** Information shown **
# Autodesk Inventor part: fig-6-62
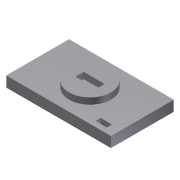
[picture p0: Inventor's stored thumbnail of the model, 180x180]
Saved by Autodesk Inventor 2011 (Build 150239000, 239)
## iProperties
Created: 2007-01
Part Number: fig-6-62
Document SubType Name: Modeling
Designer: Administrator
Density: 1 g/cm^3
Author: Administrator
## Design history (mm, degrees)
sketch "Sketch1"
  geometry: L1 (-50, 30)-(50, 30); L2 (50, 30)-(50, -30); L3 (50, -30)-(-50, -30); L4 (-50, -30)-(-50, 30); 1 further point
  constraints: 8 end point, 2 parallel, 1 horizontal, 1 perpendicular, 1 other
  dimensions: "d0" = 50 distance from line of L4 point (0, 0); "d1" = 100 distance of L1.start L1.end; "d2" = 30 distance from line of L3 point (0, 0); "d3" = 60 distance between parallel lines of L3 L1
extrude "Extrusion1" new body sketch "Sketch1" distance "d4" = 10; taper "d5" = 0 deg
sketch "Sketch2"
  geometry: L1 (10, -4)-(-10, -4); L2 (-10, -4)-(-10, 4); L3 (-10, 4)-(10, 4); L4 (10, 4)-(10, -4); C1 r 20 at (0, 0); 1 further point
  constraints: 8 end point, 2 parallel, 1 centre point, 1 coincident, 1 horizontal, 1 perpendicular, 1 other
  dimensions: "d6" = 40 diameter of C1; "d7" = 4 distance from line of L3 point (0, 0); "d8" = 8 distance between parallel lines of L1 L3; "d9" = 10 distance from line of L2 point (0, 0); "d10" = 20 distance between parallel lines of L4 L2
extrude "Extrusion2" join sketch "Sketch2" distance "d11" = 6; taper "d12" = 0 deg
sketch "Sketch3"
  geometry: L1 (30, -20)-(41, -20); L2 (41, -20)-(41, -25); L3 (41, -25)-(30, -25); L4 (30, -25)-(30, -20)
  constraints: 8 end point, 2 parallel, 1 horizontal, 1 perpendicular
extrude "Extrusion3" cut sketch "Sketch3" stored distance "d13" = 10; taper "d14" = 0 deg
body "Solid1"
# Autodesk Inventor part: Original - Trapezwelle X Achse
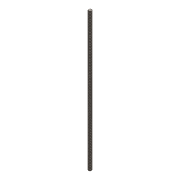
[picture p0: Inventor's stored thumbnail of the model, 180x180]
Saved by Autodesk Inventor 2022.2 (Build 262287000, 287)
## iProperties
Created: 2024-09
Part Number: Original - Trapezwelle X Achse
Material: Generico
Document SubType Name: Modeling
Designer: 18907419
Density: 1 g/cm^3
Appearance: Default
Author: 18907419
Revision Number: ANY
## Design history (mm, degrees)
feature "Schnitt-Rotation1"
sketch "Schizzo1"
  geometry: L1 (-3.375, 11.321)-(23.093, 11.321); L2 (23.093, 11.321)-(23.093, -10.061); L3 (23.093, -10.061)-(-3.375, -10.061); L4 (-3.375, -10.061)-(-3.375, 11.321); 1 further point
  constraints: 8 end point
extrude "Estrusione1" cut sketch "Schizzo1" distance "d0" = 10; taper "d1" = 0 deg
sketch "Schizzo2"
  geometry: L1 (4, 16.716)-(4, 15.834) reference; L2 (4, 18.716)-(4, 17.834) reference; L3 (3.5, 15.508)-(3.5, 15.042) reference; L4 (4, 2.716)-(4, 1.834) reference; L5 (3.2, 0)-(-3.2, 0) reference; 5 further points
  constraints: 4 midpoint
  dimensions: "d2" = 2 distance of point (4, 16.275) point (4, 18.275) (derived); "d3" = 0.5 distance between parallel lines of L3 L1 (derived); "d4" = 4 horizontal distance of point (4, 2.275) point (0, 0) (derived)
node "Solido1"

** Work instructions **
This exercise requires the lines of the entries containing the string "Autodesk".

** Reply to the exercise **
# Autodesk Inventor part: fig-6-62
Saved by Autodesk Inventor 2011 (Build 150239000, 239)
# Autodesk Inventor part: Original - Trapezwelle X Achse
Saved by Autodesk Inventor 2022.2 (Build 262287000, 287)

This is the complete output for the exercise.